Ama Allah'ınızı severseniz ya. Yani bunları hastaneye götürmek istersiniz, götürülmek istendi, direniş sergilendi ‘Ben hastaneye gitmem' dendi. Tedavi edilmek istendi ‘Ben tedavi ettirilmek istemiyorum' dendi. En sonunda geçen günlerde alındı, hastaneye götürülürken ondan bir gün önce, iki gün önce, beş gün önce, altı gün önce sürekli, ‘Hayati tehlikesi var' dendi. Doktorlar, ‘Hadi biz sizi götürüyoruz' dediğinde, ‘Ben kitap okuyorum, gitmek istemiyorum' dendi. Bana lütfen birisi bunu izah etsin. Benim aklım, melekelerim bunu anlamaya yetmiyor."

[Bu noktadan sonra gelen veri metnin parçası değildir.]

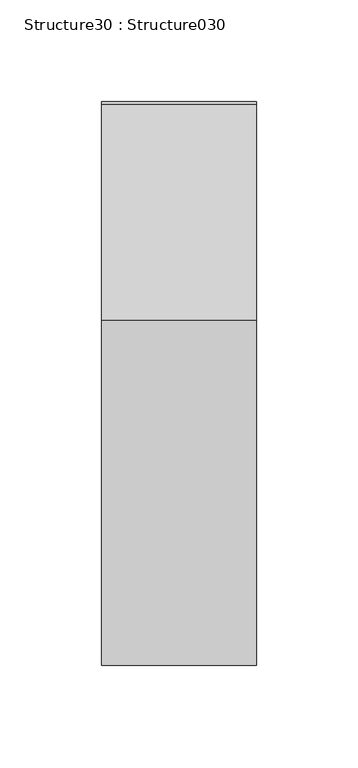
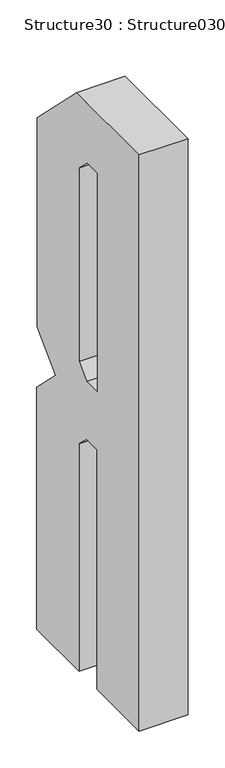
"""IFC4 building model written with IfcOpenShell, lengths in millimetres: proxy geometry, Structure30 : Structure030."""

import ifcopenshell
import ifcopenshell.guid

model = None  # the IFC model being written
_history = None  # IfcOwnerHistory: only IFC2X3 demands one
_inside = {}  # id of a spatial element -> (the spatial element, [elements in it])
_under = {}  # id of a project, library or spatial element -> (it, [spatial elements below it])
_declared = {}  # id of a project -> (the project, [libraries it declares])
_typed = {}  # id of a type object -> (the type object, [elements of that type])
_made_of = {}  # id of a material, layer set ... -> (it, [elements and type objects made of it])


def new_model(schema):
    """Start an empty IFC model of exactly this schema.

    Asked for "IFC4X3", IfcOpenShell would pick the latest addendum, in which some entities
    have other attributes; the version numbers below select the first issue.
    IFC2X3 requires an IfcOwnerHistory on every rooted entity: one is made here for all.
    """
    global model, _history
    if schema == "IFC4X3":
        model = ifcopenshell.file(schema_version=(4, 3, 0, 0))
    else:
        model = ifcopenshell.file(schema=schema)
    _inside.clear()
    _under.clear()
    _declared.clear()
    _typed.clear()
    _made_of.clear()
    _history = None
    if model.schema == "IFC2X3":
        org = make("IfcOrganization", Name="unknown")
        user = make(
            "IfcPersonAndOrganization",
            ThePerson=make("IfcPerson", FamilyName="unknown"),
            TheOrganization=org,
        )
        app = make(
            "IfcApplication",
            ApplicationDeveloper=org,
            Version="unknown",
            ApplicationFullName="unknown",
            ApplicationIdentifier="unknown",
        )
        _history = make(
            "IfcOwnerHistory",
            OwningUser=user,
            OwningApplication=app,
            ChangeAction="ADDED",
            CreationDate=0,
        )
    return model


def make(cls, **values):
    """One entity of the class cls with the attributes given. An attribute that is None is left unset."""
    return model.create_entity(
        cls, **{name: value for name, value in values.items() if value is not None}
    )


def rooted(cls, **values):
    """An entity with a GlobalId (a new one), such as an element, a storey or a relation."""
    return make(cls, GlobalId=ifcopenshell.guid.new(), OwnerHistory=_history, **values)


def si_unit(unit_type, name, prefix=None):
    """IfcSIUnit, for example si_unit("LENGTHUNIT", "METRE", prefix="MILLI")."""
    return make("IfcSIUnit", UnitType=unit_type, Prefix=prefix, Name=name)


def assignment(units):
    """IfcUnitAssignment: the units of a project."""
    return None if units is None else make("IfcUnitAssignment", Units=units)


def point(xyz):
    """IfcCartesianPoint."""
    return None if xyz is None else make("IfcCartesianPoint", Coordinates=xyz)


def direction(xyz):
    """IfcDirection."""
    return None if xyz is None else make("IfcDirection", DirectionRatios=xyz)


def frame(location, z_axis=None, x_axis=None):
    """IfcAxis2Placement3D, a coordinate frame: its origin and axes. An axis left out is left unset."""
    return make(
        "IfcAxis2Placement3D",
        Location=point(location),
        Axis=direction(z_axis),
        RefDirection=direction(x_axis),
    )


def origin():
    """The frame at (0, 0, 0) with its axes left unset."""
    return frame((0.0, 0.0, 0.0))


def place(relative_to, where):
    """IfcLocalPlacement: puts the frame where relative to a parent placement (None: the world)."""
    return make(
        "IfcLocalPlacement", PlacementRelTo=relative_to, RelativePlacement=where
    )


def context(
    kind, dimensions, precision=None, world=None, true_north=None, identifier=None
):
    """IfcGeometricRepresentationContext, for example the 3D "Model" context."""
    return make(
        "IfcGeometricRepresentationContext",
        ContextIdentifier=identifier,
        ContextType=kind,
        CoordinateSpaceDimension=dimensions,
        Precision=precision,
        WorldCoordinateSystem=world,
        TrueNorth=true_north,
    )


def project(units=None, contexts=None):
    """IfcProject with its units and contexts."""
    return rooted(
        "IfcProject",
        Name="project",
        RepresentationContexts=contexts,
        UnitsInContext=assignment(units),
    )


def spatial(cls, under=None, at=None, **own):
    """A site, building, storey or space (cls), placed at a placement, below another one or the project."""
    s = rooted(cls, ObjectPlacement=at, **own)
    if under is not None:
        _under.setdefault(under.id(), (under, []))[1].append(s)
    return s


def polyline(points):
    """IfcPolyline through the points."""
    return make("IfcPolyline", Points=[point(p) for p in points])


def outline(outer, holes=None, kind="AREA"):
    """IfcArbitraryClosedProfileDef: a profile drawn as a closed curve; with holes, ...WithVoids."""
    if holes is None:
        return make("IfcArbitraryClosedProfileDef", ProfileType=kind, OuterCurve=outer)
    return make(
        "IfcArbitraryProfileDefWithVoids",
        ProfileType=kind,
        OuterCurve=outer,
        InnerCurves=holes,
    )


def extrude(swept, where, along, depth):
    """IfcExtrudedAreaSolid: the profile swept, set in the frame where, extruded along a direction by depth."""
    return make(
        "IfcExtrudedAreaSolid",
        SweptArea=swept,
        Position=where,
        ExtrudedDirection=direction(along),
        Depth=depth,
    )


def shape(context_of_items, identifier, shape_type, items):
    """IfcShapeRepresentation: the items that make up one representation, for example the "Body"."""
    return make(
        "IfcShapeRepresentation",
        ContextOfItems=context_of_items,
        RepresentationIdentifier=identifier,
        RepresentationType=shape_type,
        Items=items,
    )


def source(mapping_origin, context_of_items, identifier, shape_type, items):
    """IfcRepresentationMap: a shape defined once, which mapped items show again and again."""
    return make(
        "IfcRepresentationMap",
        MappingOrigin=mapping_origin,
        MappedRepresentation=shape(context_of_items, identifier, shape_type, items),
    )


def transform(
    local_origin,
    x_axis=None,
    y_axis=None,
    z_axis=None,
    scale=None,
    scale2=None,
    scale3=None,
    uniform=True,
):
    """IfcCartesianTransformationOperator3D, or its non-uniform kind. x_axis, y_axis, z_axis: its Axis1, 2, 3."""
    if uniform:
        return make(
            "IfcCartesianTransformationOperator3D",
            Axis1=direction(x_axis),
            Axis2=direction(y_axis),
            LocalOrigin=point(local_origin),
            Scale=scale,
            Axis3=direction(z_axis),
        )
    return make(
        "IfcCartesianTransformationOperator3DnonUniform",
        Axis1=direction(x_axis),
        Axis2=direction(y_axis),
        LocalOrigin=point(local_origin),
        Scale=scale,
        Axis3=direction(z_axis),
        Scale2=scale2,
        Scale3=scale3,
    )


def mapped(mapping_source, mapping_target):
    """IfcMappedItem: shows the shape of a source again, moved by a transform."""
    return make(
        "IfcMappedItem", MappingSource=mapping_source, MappingTarget=mapping_target
    )


def made_of(thing, what):
    """Note that an element or type object is made of a material, layer set ...; save() writes the relation."""
    if what is not None:
        _made_of.setdefault(what.id(), (what, []))[1].append(thing)
    return thing


def element(
    cls,
    number,
    at=None,
    inside=None,
    cuts=None,
    type_object=None,
    material=None,
    context=None,
    identifier="Body",
    shape_type=None,
    held_by="IfcProductDefinitionShape",
    body=None,
    shapes=None,
    **own,
):
    """One element of the class cls, such as IfcWall. Its Tag is "e" and its number.

    at: its placement. inside: the storey or other place that contains it. cuts: it is an
    opening in that element (IfcRelVoidsElement). A single representation is given by context,
    identifier, shape_type and body (its items); several are given by shapes. held_by: the class
    of the entity that holds the representations. save() writes the other relations.
    """
    e = rooted(cls, Tag="e%d" % number, ObjectPlacement=at, **own)
    if body is not None:
        shapes = [shape(context, identifier, shape_type, body)]
    if shapes is not None:
        e.Representation = make(held_by, Representations=shapes)
    if inside is not None:
        _inside.setdefault(inside.id(), (inside, []))[1].append(e)
    if cuts is not None:
        rooted(
            "IfcRelVoidsElement", RelatingBuildingElement=cuts, RelatedOpeningElement=e
        )
    if type_object is not None:
        _typed.setdefault(type_object.id(), (type_object, []))[1].append(e)
    return made_of(e, material)


def aggregate(whole, parts):
    """IfcRelAggregates: a whole, such as a stair, and the parts it consists of."""
    return rooted("IfcRelAggregates", RelatingObject=whole, RelatedObjects=parts)


def save(model, path):
    """Write the relations noted so far, then the file.

    IfcRelAggregates (storeys below a building ...), IfcRelContainedInSpatialStructure (elements
    in a storey), IfcRelDefinesByType, IfcRelAssociatesMaterial and IfcRelDeclares: one each for
    every whole, place, type object, material and project.
    """
    for whole, parts in _under.values():
        aggregate(whole, parts)
    for where, things in _inside.values():
        rooted(
            "IfcRelContainedInSpatialStructure",
            RelatedElements=things,
            RelatingStructure=where,
        )
    for kind, things in _typed.values():
        rooted("IfcRelDefinesByType", RelatedObjects=things, RelatingType=kind)
    for what, things in _made_of.values():
        rooted("IfcRelAssociatesMaterial", RelatedObjects=things, RelatingMaterial=what)
    for by, libraries in _declared.values():
        rooted("IfcRelDeclares", RelatingContext=by, RelatedDefinitions=libraries)
    model.write(path)


def structure30_structure030_552ecfaa(model_context):
    return source(origin(), model_context, "Body", "SweptSolid", [
        extrude(outline(polyline([(251331.4415394, 4374.3842509), (251331.4415394, 4028.9992538), (251282.4933618, 3978.6781441), (251332.8144715, 3928.3570344), (251332.8144715, 3528.5825142), (251218.5789649, 3528.5825142), (251218.5789649, 3903.8911328), (251198.1808469, 3924.2892507), (251169.6213405, 3924.2892507), (251169.6213405, 3528.5825142), (251055.411655, 3528.5825142), (251055.411655, 4480.4419946), (251225.3837957, 4480.4419946), (251331.4415394, 4374.3842509)]), holes=[polyline([(251169.6213405, 4020.827159), (251196.8223999, 4020.827159), (251217.223037, 4041.2277961), (251217.223037, 4360.7915935), (251196.824919, 4381.1897115), (251169.6213405, 4381.1897115), (251169.6213405, 4020.827159)])]), frame((-38594.2176606, 0.0, 0.0), z_axis=(1.0, 0.0, 0.0), x_axis=(0.0, 1.0, 0.0)), (0.0, 0.0, 1.0), 76.2),
    ])


if __name__ == "__main__":
    model = new_model("IFC4")
    model_context = context("Model", 3, world=origin())
    ifc_project = project(units=[si_unit("LENGTHUNIT", "METRE", prefix="MILLI")], contexts=[model_context])
    site = spatial("IfcSite", under=ifc_project)
    building = spatial("IfcBuilding", under=site)
    placement = place(None, origin())
    structure30_structure030_shape = structure30_structure030_552ecfaa(model_context)
    element("IfcBuildingElementProxy", 1, Name="Structure30 : Structure030", ObjectType="Structure30 : Structure030", at=placement, inside=building, context=model_context, shape_type="MappedRepresentation", body=[
        mapped(structure30_structure030_shape, transform((0.0, 0.0, 0.0), x_axis=(1.0, 0.0, 0.0), y_axis=(0.0, 1.0, 0.0), z_axis=(0.0, 0.0, 1.0))),
    ])
    save(model, "model.ifc")

# Revit data of these elements
# Type "Structure30 : Structure030"
#   NameOverride = "Structure030"
# Element 1 (IfcBuildingElementProxy, "Structure30 : Structure030")
#   Materials on its faces: "BRUSHED ALUM. LETTERING"
# Materials
#   "BRUSHED ALUM. LETTERING": class "Unassigned", colour RGB 169 181 186, transparency 0, Cost = 0

'CİDDİ BİR TERÖR ÖRGÜTÜYLE KARŞI KARŞIYAYIZ'

CHP'li Ali Şeker'in, "OHAL Komisyonu niye çalışmıyor Sayın Bakan?" diye laf atması üzerine de İçişleri Bakanı Soylu, "Bakın, ben başka bir şey söylüyorum, siz başka bir şey söylüyorsunuz. Ben bir durum tespiti yapmaya çalışıyorum. Ve burada yargılama hukukun işidir. Yani mahkemesi ne zamansa bunu yargılayacaktır, ellerindeki bilgilerle ve belgelerle. Ama buna ait çok ciddi bir terör örgütüyle biz karşı karşıyayız. Bu terör örgütünün esaret altına aldığı insanları ve tehdit ettiği insanları hepimiz biliyoruz ve bu DHKP-C…" diye konuştu.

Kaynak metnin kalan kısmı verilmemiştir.